I think you're in the minority (by definition of being in Mensa, you already
are). But just because _you_ aced it doesn't mean that most people - even most
college graduates - can. I've worked too long with too many college graduates
who struggle with basic concepts to believe that.

------
jeb
I'd never hire a person who was a member of mensa. If you feel the need to get
a certificate proving your intelligence, then you're not intelligent enough
for me.

------
mgkimsal
Similar to mensamember on here, I'm also a member, or was, as I didn't renew.
20 years ago it might have helped me in social ways. As of now, it doesn't
really provide any substantive benefits.

Unlike jeb and mensamember, I have it listed on my resume, at the bottom, in
'other', along with toastmasters experience, some public speaking activities,
and other misc stuff. For me it wasn't so much wanting to 'brag' about it, but
it felt like another facet of who I am (albeit a very minor one).
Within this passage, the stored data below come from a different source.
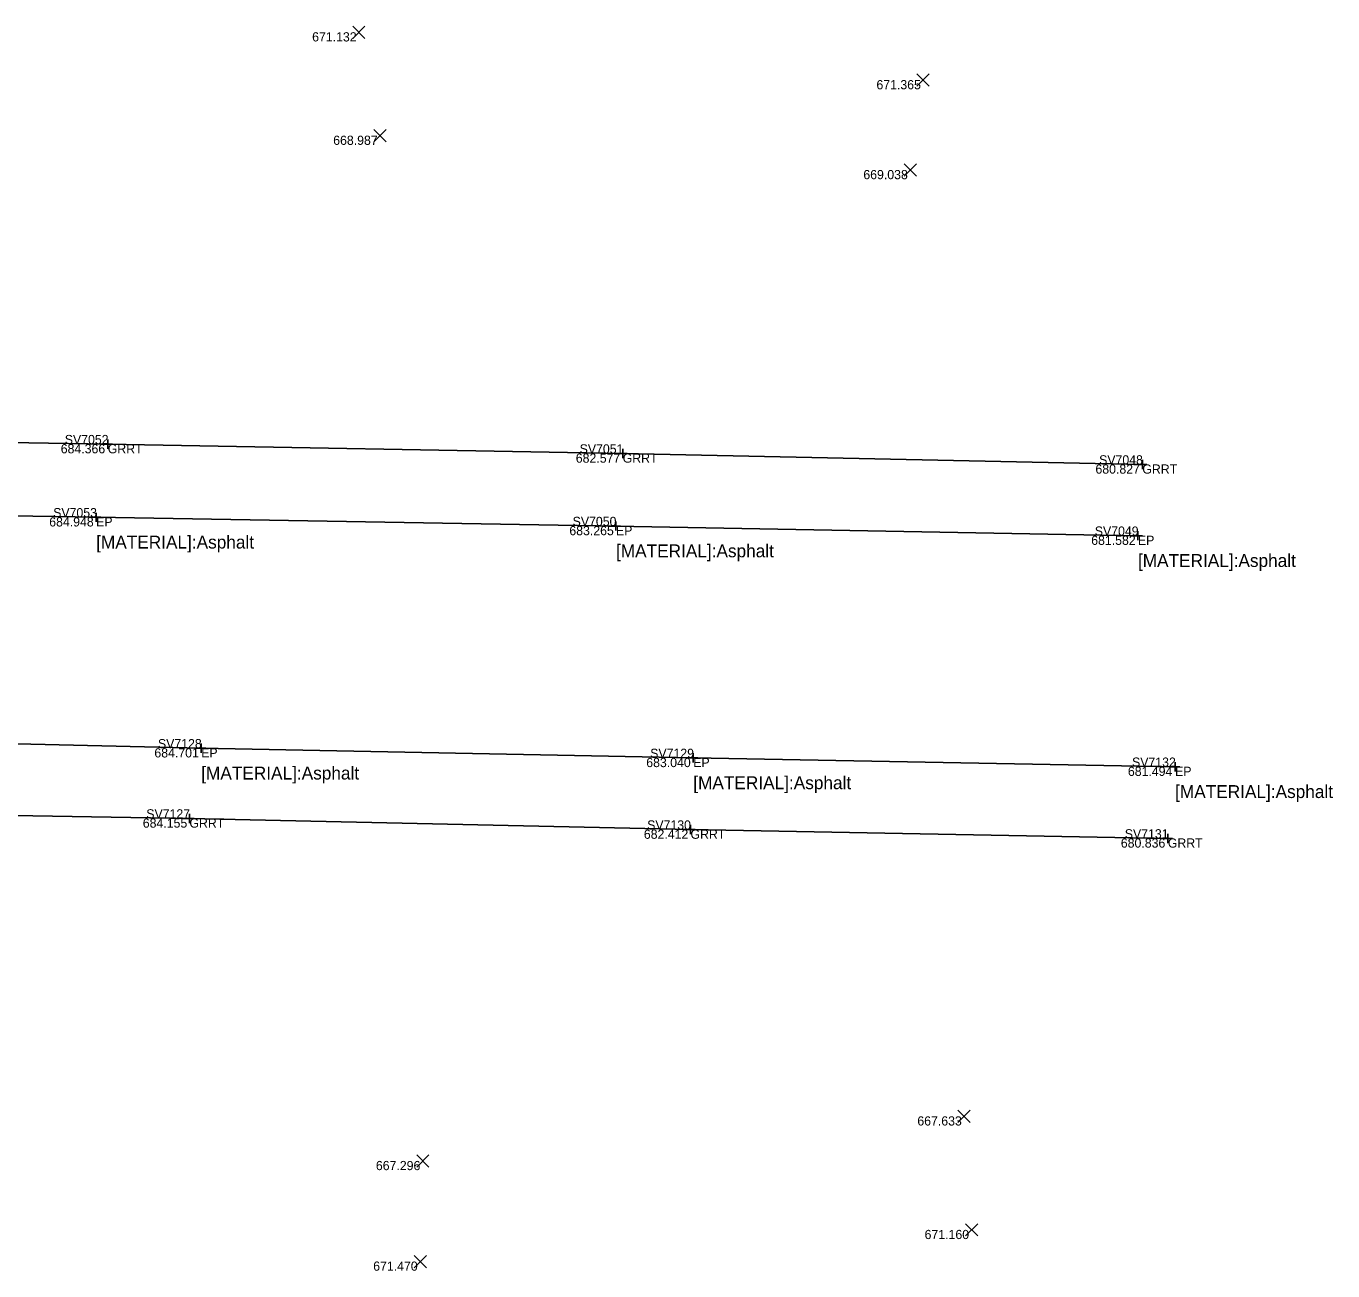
# Model space of a CAD drawing. Extents: x 1660019 to 1662995, y 619975 to 620342.
# Drawn here: x 1661990.8 to 1662132.9, y 620149.4 to 620284.7 of the extents above; entities that cross this region are included whole.
import ezdxf

# ---------------------------------------------------------------- set-up
doc = ezdxf.new("R2010")
doc.units = 0
for name, color, linetype in [('BR_X_Rail_Object', 7, 'Continuous'), ('PV_X_EOP', 7, 'Continuous'), ('RD_P_GR_Lt', 7, 'Continuous'), ('RD_P_GR_Rt', 7, 'Continuous'), ('RD_X_GR_Bar', 7, 'Continuous'), ('RD_X_GR_Rt', 7, 'Continuous'), ('RD_X_Wall', 7, 'Continuous'), ('SV_X_Text', 7, 'Continuous')]:
    doc.layers.add(name, color=color, linetype=linetype)

msp = doc.modelspace()

# ---------------------------------------------------------------- linework, layer by layer
at = {"layer": 'PV_X_EOP'}
for points in [[(1662111.67, 620229.32), (1662054.93, 620230.37), (1661998.42, 620231.32), (1661945.73, 620232.16), (1661885.47, 620233.5), (1661831.11, 620234.65), (1661773.24, 620235.9), (1661719.2, 620236.82), (1661662.34, 620238.11), (1661602.46, 620239.35), (1661551.29, 620241.52)], [(1661543.6, 620215.08), (1661595.45, 620214.35), (1661653.94, 620213.41), (1661707.72, 620212.24), (1661760.97, 620211.02), (1661840.69, 620209.32), (1661897.28, 620208.31), (1661955.8, 620207.5), (1662009.84, 620206.22), (1662063.33, 620205.17), (1662115.71, 620204.21)]]:
    msp.add_lwpolyline(points, dxfattribs=at)
at = {"layer": 'RD_P_GR_Lt'}
for p, q in [((1661999.68, 620239.77), (1661999.68, 620238.77)), ((1661999.18, 620239.27), (1662000.18, 620239.27)), ((1661999.68, 620239.27), (1661999.68, 620239.27)), ((1662055.66, 620238.75), (1662055.66, 620237.75)), ((1662055.16, 620238.25), (1662056.16, 620238.25)), ((1662055.66, 620238.25), (1662055.66, 620238.25)), ((1662111.65, 620237.06), (1662112.65, 620237.06)), ((1662112.15, 620237.56), (1662112.15, 620236.56)), ((1662112.15, 620237.06), (1662112.15, 620237.06)), ((1661997.92, 620231.32), (1661998.92, 620231.32)), ((1661998.42, 620231.82), (1661998.42, 620230.82)), ((1661998.42, 620231.32), (1661998.42, 620231.32)), ((1662054.43, 620230.37), (1662055.43, 620230.37)), ((1662054.93, 620230.87), (1662054.93, 620229.87)), ((1662054.93, 620230.37), (1662054.93, 620230.37)), ((1662111.67, 620229.82), (1662111.67, 620228.82)), ((1662111.17, 620229.32), (1662112.17, 620229.32)), ((1662111.67, 620229.32), (1662111.67, 620229.32)), ((1662009.34, 620206.22), (1662010.34, 620206.22)), ((1662009.84, 620206.72), (1662009.84, 620205.72)), ((1662009.84, 620206.22), (1662009.84, 620206.22)), ((1662063.33, 620205.67), (1662063.33, 620204.67)), ((1662062.83, 620205.17), (1662063.83, 620205.17)), ((1662063.33, 620205.17), (1662063.33, 620205.17)), ((1662115.71, 620204.71), (1662115.71, 620203.71)), ((1662115.21, 620204.21), (1662116.21, 620204.21)), ((1662115.71, 620204.21), (1662115.71, 620204.21)), ((1662008.06, 620198.59), (1662009.06, 620198.59)), ((1662008.56, 620199.09), (1662008.56, 620198.09)), ((1662008.56, 620198.59), (1662008.56, 620198.59)), ((1662062.53, 620197.38), (1662063.53, 620197.38)), ((1662063.03, 620197.88), (1662063.03, 620196.88)), ((1662063.03, 620197.38), (1662063.03, 620197.38)), ((1662114.42, 620196.42), (1662115.42, 620196.42)), ((1662114.92, 620196.92), (1662114.92, 620195.92)), ((1662114.92, 620196.42), (1662114.92, 620196.42))]:
    msp.add_line(p, q, dxfattribs=at)
at = {"layer": 'RD_P_GR_Rt'}
for p, q in [((1662026.31, 620283.36), (1662027.64, 620284.69)), ((1662026.31, 620284.69), (1662027.64, 620283.36)), ((1662087.64, 620278.16), (1662088.98, 620279.5)), ((1662087.64, 620279.5), (1662088.98, 620278.16)), ((1662028.62, 620272.12), (1662029.95, 620273.45)), ((1662028.62, 620273.45), (1662029.95, 620272.12)), ((1662086.25, 620268.39), (1662087.58, 620269.73)), ((1662086.25, 620269.73), (1662087.58, 620268.39)), ((1662092.09, 620165.55), (1662093.42, 620166.88)), ((1662092.09, 620166.88), (1662093.42, 620165.55)), ((1662033.27, 620160.7), (1662034.6, 620162.03)), ((1662033.27, 620162.03), (1662034.6, 620160.7)), ((1662092.93, 620153.22), (1662094.26, 620154.55)), ((1662092.93, 620154.55), (1662094.26, 620153.22)), ((1662032.98, 620149.77), (1662034.32, 620151.11)), ((1662032.98, 620151.11), (1662034.32, 620149.77))]:
    msp.add_line(p, q, dxfattribs=at)
at = {"layer": 'RD_X_GR_Rt'}
for points in [[(1662112.15, 620237.06), (1662055.66, 620238.25), (1661999.68, 620239.27), (1661943.73, 620240.2), (1661887.33, 620241.47), (1661831.01, 620242.22), (1661774.89, 620243.8), (1661718.6, 620244.37), (1661662.44, 620245.38), (1661601.89, 620244.64), (1661537.84, 620244.62)], [(1661527.71, 620211.76), (1661596.63, 620209.07), (1661652.77, 620205.71), (1661709.09, 620204.45), (1661758.9, 620203.47), (1661840.54, 620201.81), (1661896.27, 620200.97), (1661955.33, 620199.48), (1662008.56, 620198.59), (1662063.03, 620197.38), (1662114.92, 620196.42)]]:
    msp.add_lwpolyline(points, dxfattribs=at)

# ---------------------------------------------------------------- texts
at = {"layer": 'BR_X_Rail_Object'}
for s, p in [('GRRT', (1661999.68, 620238.27)), ('GRRT', (1662055.66, 620237.25)), ('GRRT', (1662112.15, 620236.06)), ('EP', (1661998.42, 620230.32)), ('EP', (1662054.93, 620229.37)), ('EP', (1662111.67, 620228.32)), ('EP', (1662009.84, 620205.22)), ('EP', (1662063.33, 620204.17)), ('EP', (1662115.71, 620203.21)), ('GRRT', (1662008.56, 620197.59)), ('GRRT', (1662063.03, 620196.38)), ('GRRT', (1662114.92, 620195.42))]:
    msp.add_text(s, height=1, dxfattribs=at).set_placement(p)
at = {"layer": 'RD_X_GR_Bar'}
for s, p in [('671.132', (1662021.9, 620283.03)), ('671.365', (1662083.24, 620277.83)), ('668.987', (1662024.19, 620271.79)), ('669.038', (1662081.82, 620268.06)), ('684.366', (1661994.57, 620238.27)), ('682.577', (1662050.56, 620237.25)), ('680.827', (1662107.05, 620236.06)), ('684.948', (1661993.32, 620230.32)), ('683.265', (1662049.86, 620229.37)), ('681.582', (1662106.59, 620228.32)), ('684.701', (1662004.75, 620205.22)), ('683.040', (1662058.22, 620204.17)), ('681.494', (1662110.58, 620203.21)), ('684.155', (1662003.49, 620197.59)), ('682.412', (1662057.96, 620196.38)), ('680.836', (1662109.81, 620195.42)), ('667.633', (1662087.69, 620165.22)), ('667.296', (1662028.83, 620160.37)), ('671.160', (1662088.48, 620152.88)), ('671.470', (1662028.54, 620149.44))]:
    msp.add_text(s, height=1, dxfattribs=at).set_placement(p)
at = {"layer": 'RD_X_Wall'}
for s, p in [('SV7052', (1661995.01, 620239.27)), ('SV7051', (1662050.98, 620238.25)), ('SV7048', (1662107.45, 620237.06)), ('SV7053', (1661993.75, 620231.32)), ('SV7050', (1662050.22, 620230.37)), ('SV7049', (1662106.98, 620229.32)), ('SV7128', (1662005.14, 620206.22)), ('SV7129', (1662058.65, 620205.17)), ('SV7132', (1662111.03, 620204.21)), ('SV7127', (1662003.87, 620198.59)), ('SV7130', (1662058.32, 620197.38)), ('SV7131', (1662110.24, 620196.42))]:
    msp.add_text(s, height=1, dxfattribs=at).set_placement(p)
at = {"layer": 'SV_X_Text'}
for p in [(1661998.42, 620227.92), (1662054.93, 620226.97), (1662111.67, 620225.92), (1662009.84, 620202.82), (1662063.33, 620201.77), (1662115.71, 620200.81)]:
    msp.add_text('[MATERIAL]:Asphalt', height=1.4, dxfattribs=at).set_placement(p)

doc.saveas('drawing.dxf')

It's also
meant as an indicator that, objectively, there's a certain amount of
quantifiable innate talent/skill I possess which can be harnessed for
problems.

Specifically in the resume/job context, whether or not I completely understand
the industry you're working in (perhaps I have no direct industry experience),
ideally the Mensa qualification should indicate that I have the capacity to
get up to speed quickly on the new industry and other facets of your
company/business. If someone is that offended by me stating something like
that about myself, they wouldn't like working with me anyway. I wrote a bit
more about it here: <http://michaelkimsal.com/blog/mensa-on-my-mind-and-
resume/>

All that said, I'm really not convinced that one can 'cram' or 'study' or
'game' the IQ tests all that much. I qualified for Mensa a few years back, but
used tests scores from the 80s. A couple years ago I took some IQ tests
(friend's wife needed to administer IQ tests to adults, and had a hard time
finding volunteers). These tests were completely different instruments,
administered by different people over 20 years ago, and statistically they put
my 'intelligence' in pretty much the same spot. Not much had changed over 20
years. The tests seem to test something deeper than things you can 'train'
for. If you took the same test multiple times, perhaps you'd get a better
score, but that's not an accurate indicator then, is it?

------
waterlesscloud
"You scored NaN / 30"

Well, I wouldn't hire whoever made the mensa website test, that's for sure.